Please give the entries below again exactly, omitting every picture.

*** Task material ***

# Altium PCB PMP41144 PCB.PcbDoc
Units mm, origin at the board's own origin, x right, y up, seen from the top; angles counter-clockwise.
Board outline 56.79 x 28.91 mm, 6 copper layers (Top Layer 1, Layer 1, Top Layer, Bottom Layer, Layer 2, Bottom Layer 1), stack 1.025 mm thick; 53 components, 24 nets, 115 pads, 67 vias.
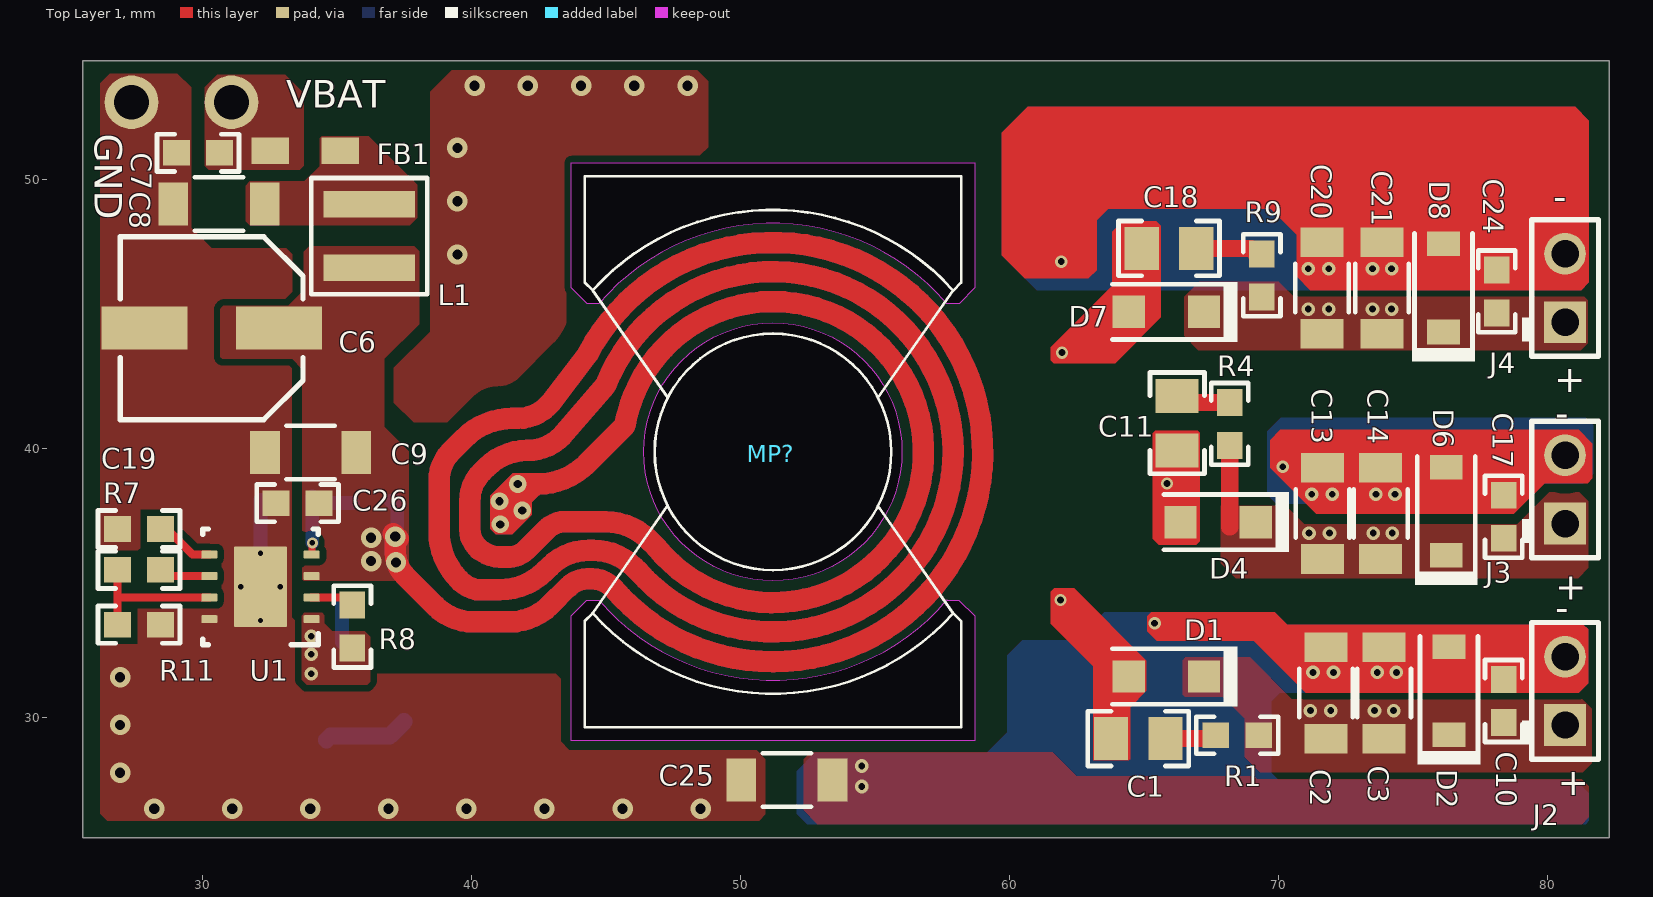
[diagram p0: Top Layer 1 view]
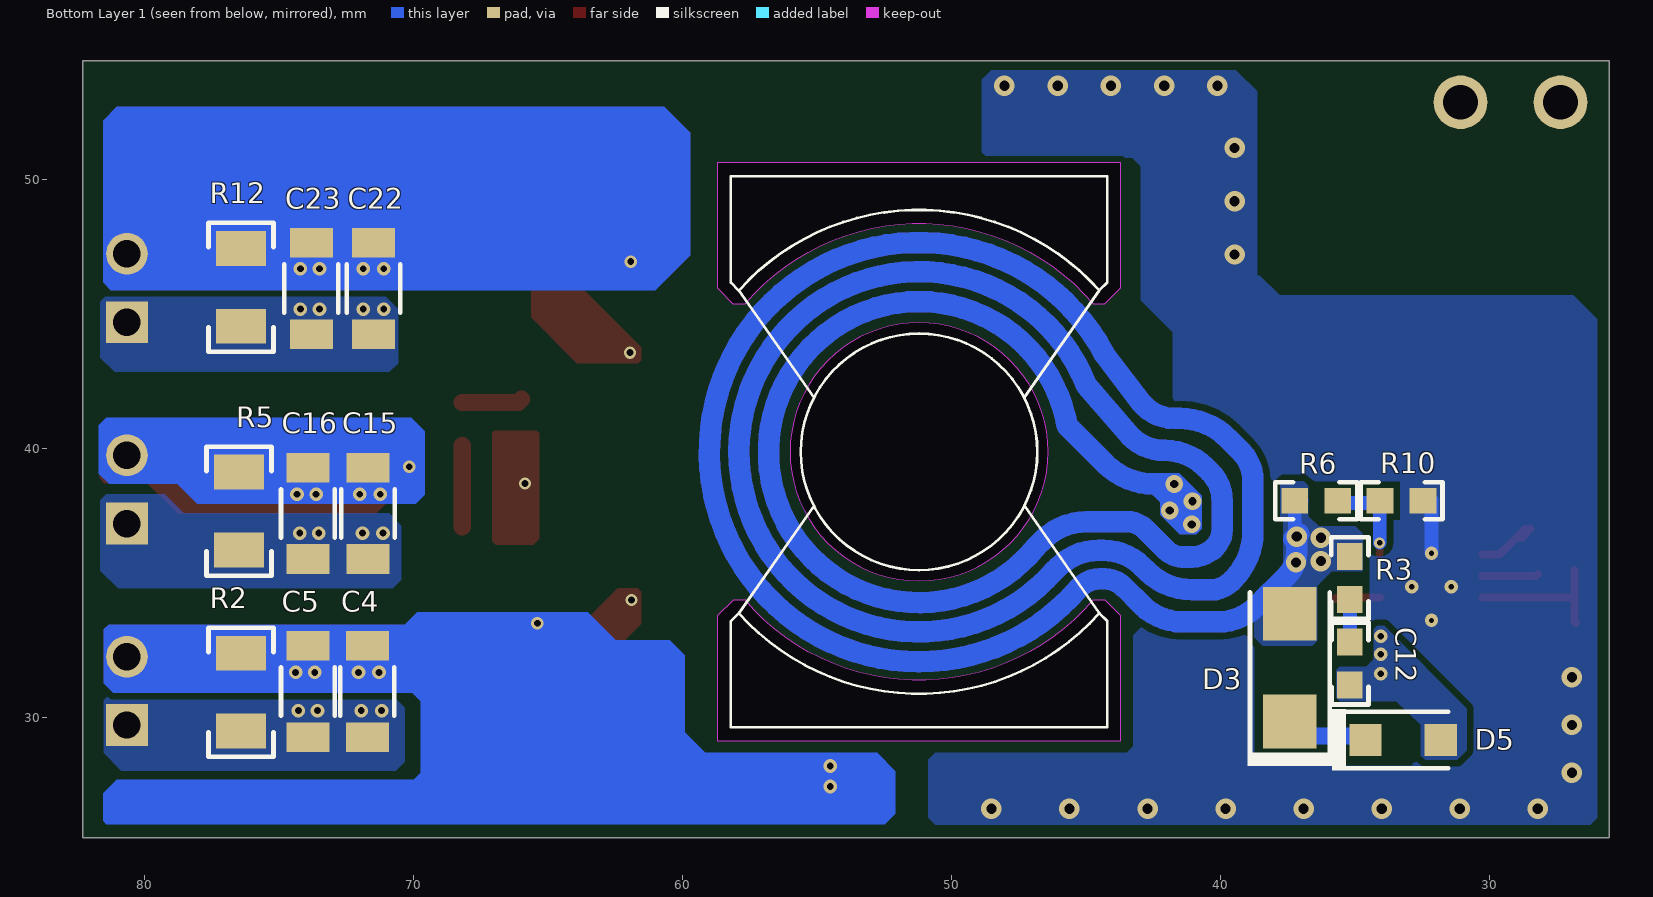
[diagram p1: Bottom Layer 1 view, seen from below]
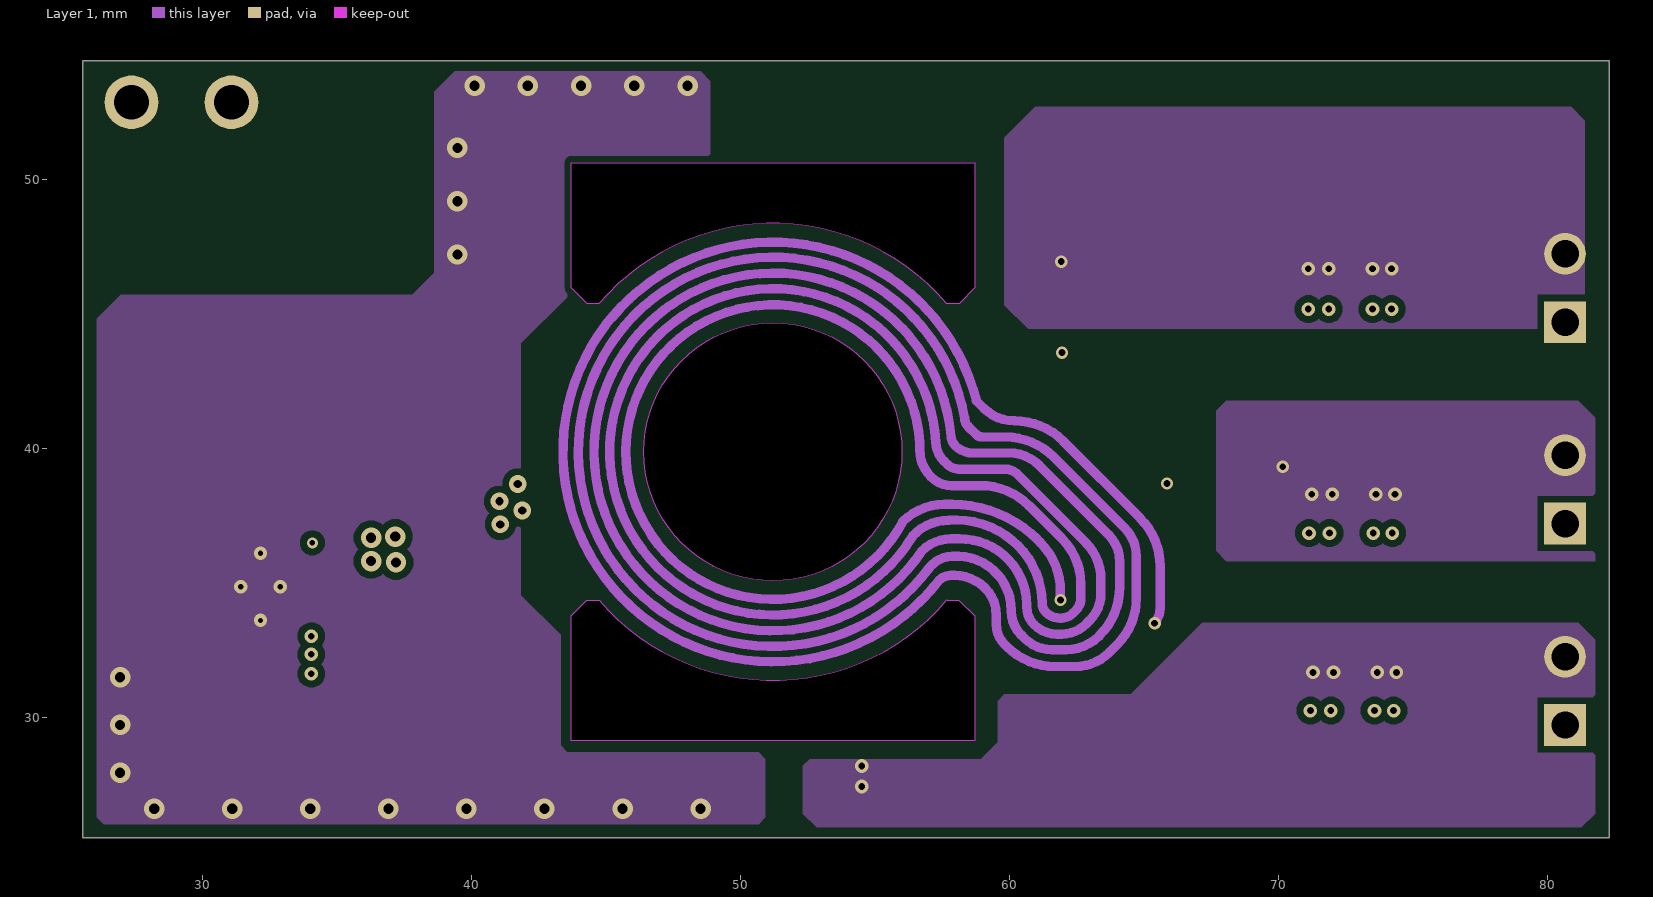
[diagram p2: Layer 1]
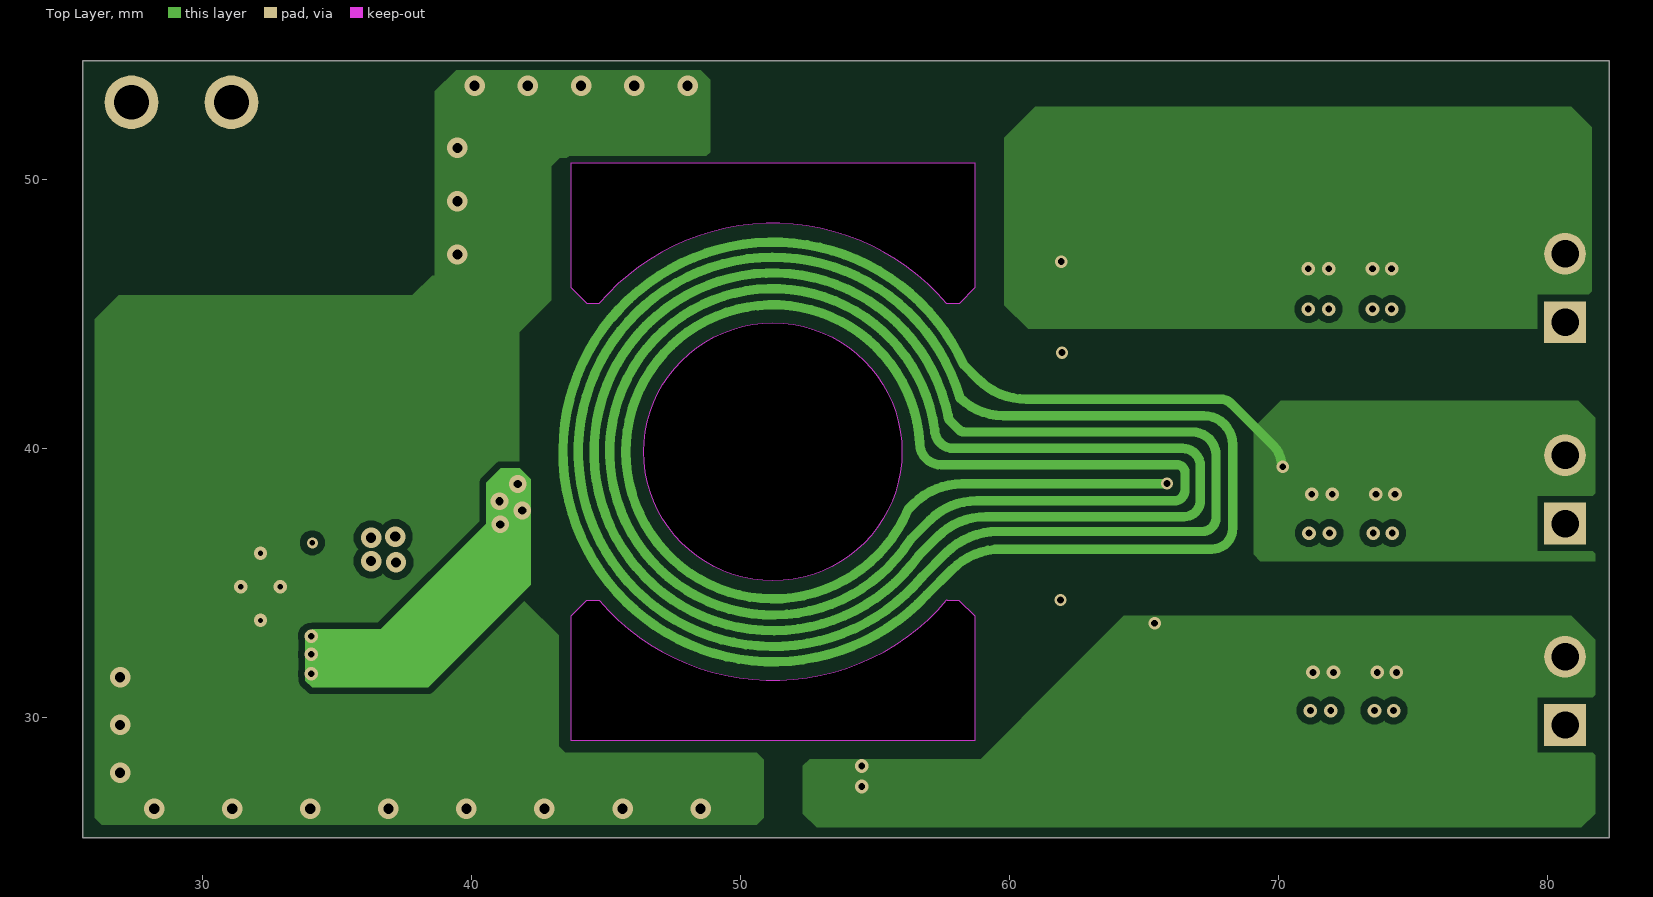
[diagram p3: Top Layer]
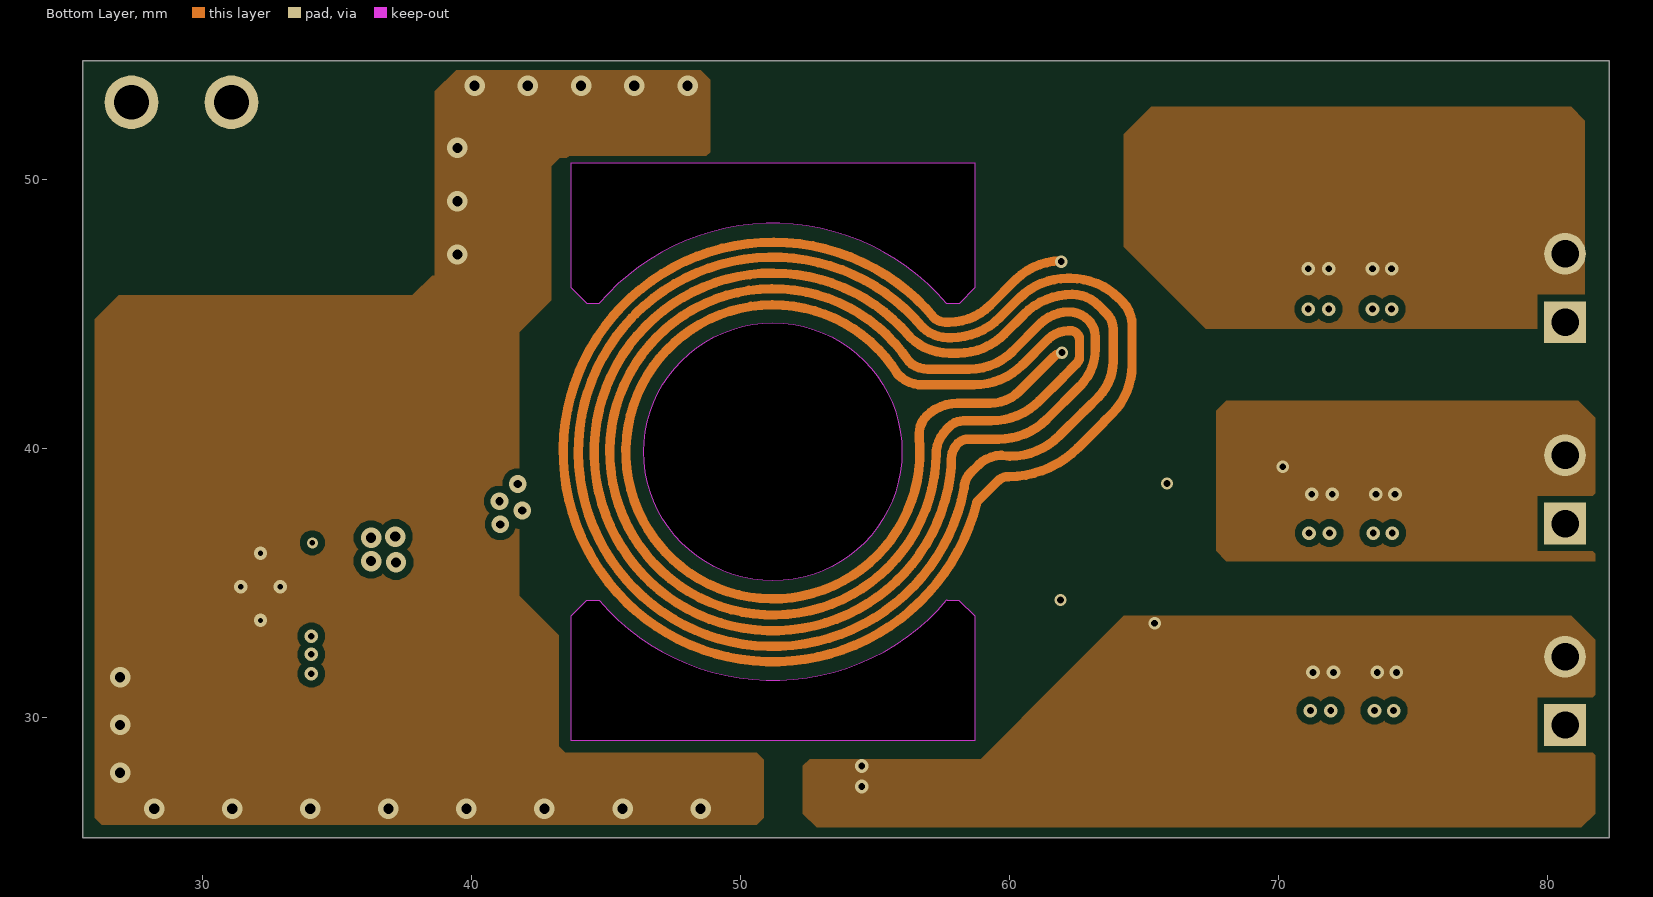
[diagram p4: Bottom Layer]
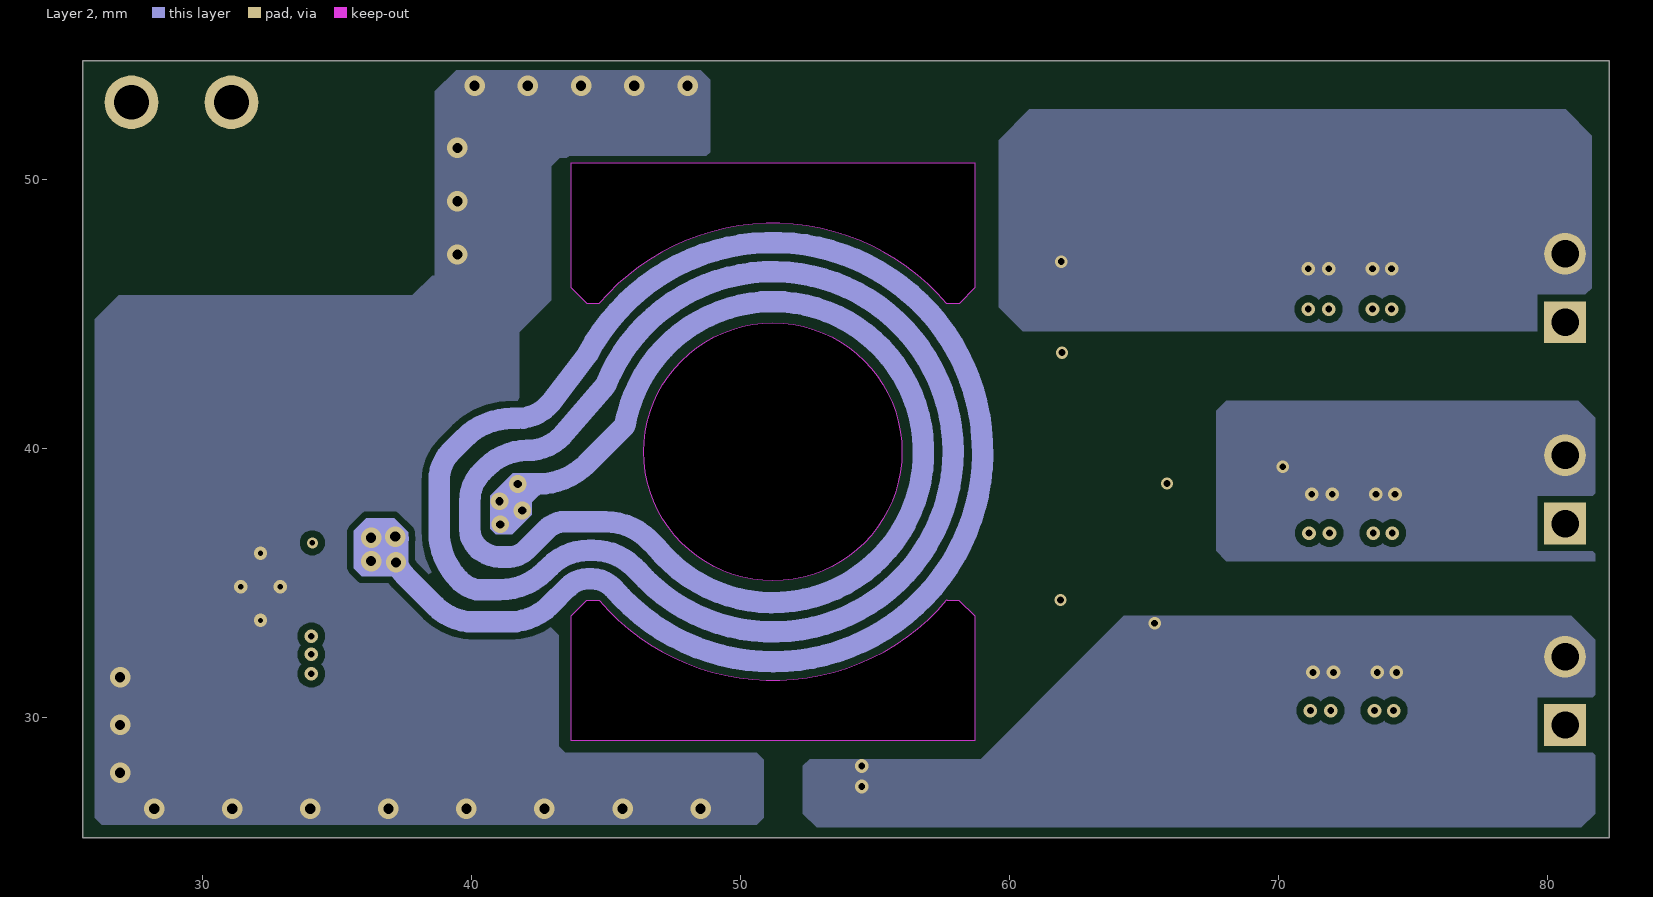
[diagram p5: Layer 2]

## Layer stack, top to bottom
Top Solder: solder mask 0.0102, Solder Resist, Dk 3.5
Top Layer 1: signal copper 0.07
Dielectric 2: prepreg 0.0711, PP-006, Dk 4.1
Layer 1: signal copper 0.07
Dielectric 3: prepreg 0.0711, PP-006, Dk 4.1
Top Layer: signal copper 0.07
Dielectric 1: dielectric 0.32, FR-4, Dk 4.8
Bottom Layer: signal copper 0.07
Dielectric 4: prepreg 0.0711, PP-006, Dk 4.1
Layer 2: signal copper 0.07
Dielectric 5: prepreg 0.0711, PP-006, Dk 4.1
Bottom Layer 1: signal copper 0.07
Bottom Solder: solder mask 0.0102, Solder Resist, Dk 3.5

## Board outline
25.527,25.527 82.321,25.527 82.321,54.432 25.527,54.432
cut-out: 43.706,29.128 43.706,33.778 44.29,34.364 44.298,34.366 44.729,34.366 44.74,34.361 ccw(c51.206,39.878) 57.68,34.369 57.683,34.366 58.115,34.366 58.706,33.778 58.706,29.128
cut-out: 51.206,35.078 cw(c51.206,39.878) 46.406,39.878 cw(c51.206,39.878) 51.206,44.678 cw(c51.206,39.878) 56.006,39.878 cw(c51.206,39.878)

***

* _Solution for this task_
# Altium PCB PMP41144 PCB.PcbDoc
Units mm, origin at the board's own origin, x right, y up, seen from the top; angles counter-clockwise.
Board outline 56.79 x 28.91 mm, 6 copper layers (Top Layer 1, Layer 1, Top Layer, Bottom Layer, Layer 2, Bottom Layer 1), stack 1.025 mm thick; 53 components, 24 nets, 115 pads, 67 vias.
[diagram p0: Top Layer 1 view]
[diagram p1: Bottom Layer 1 view, seen from below]
[diagram p2: Layer 1]
[diagram p3: Top Layer]
[diagram p4: Bottom Layer]
[diagram p5: Layer 2]

## Layer stack, top to bottom
Top Solder: solder mask 0.0102, Solder Resist, Dk 3.5
Top Layer 1: signal copper 0.07
Dielectric 2: prepreg 0.0711, PP-006, Dk 4.1
Layer 1: signal copper 0.07
Dielectric 3: prepreg 0.0711, PP-006, Dk 4.1
Top Layer: signal copper 0.07
Dielectric 1: dielectric 0.32, FR-4, Dk 4.8
Bottom Layer: signal copper 0.07
Dielectric 4: prepreg 0.0711, PP-006, Dk 4.1
Layer 2: signal copper 0.07
Dielectric 5: prepreg 0.0711, PP-006, Dk 4.1
Bottom Layer 1: signal copper 0.07
Bottom Solder: solder mask 0.0102, Solder Resist, Dk 3.5

## Board outline
25.527,25.527 82.321,25.527 82.321,54.432 25.527,54.432
cut-out: 43.706,29.128 43.706,33.778 44.29,34.364 44.298,34.366 44.729,34.366 44.74,34.361 ccw(c51.206,39.878) 57.68,34.369 57.683,34.366 58.115,34.366 58.706,33.778 58.706,29.128
cut-out: 51.206,35.078 cw(c51.206,39.878) 46.406,39.878 cw(c51.206,39.878) 51.206,44.678 cw(c51.206,39.878) 56.006,39.878 cw(c51.206,39.878)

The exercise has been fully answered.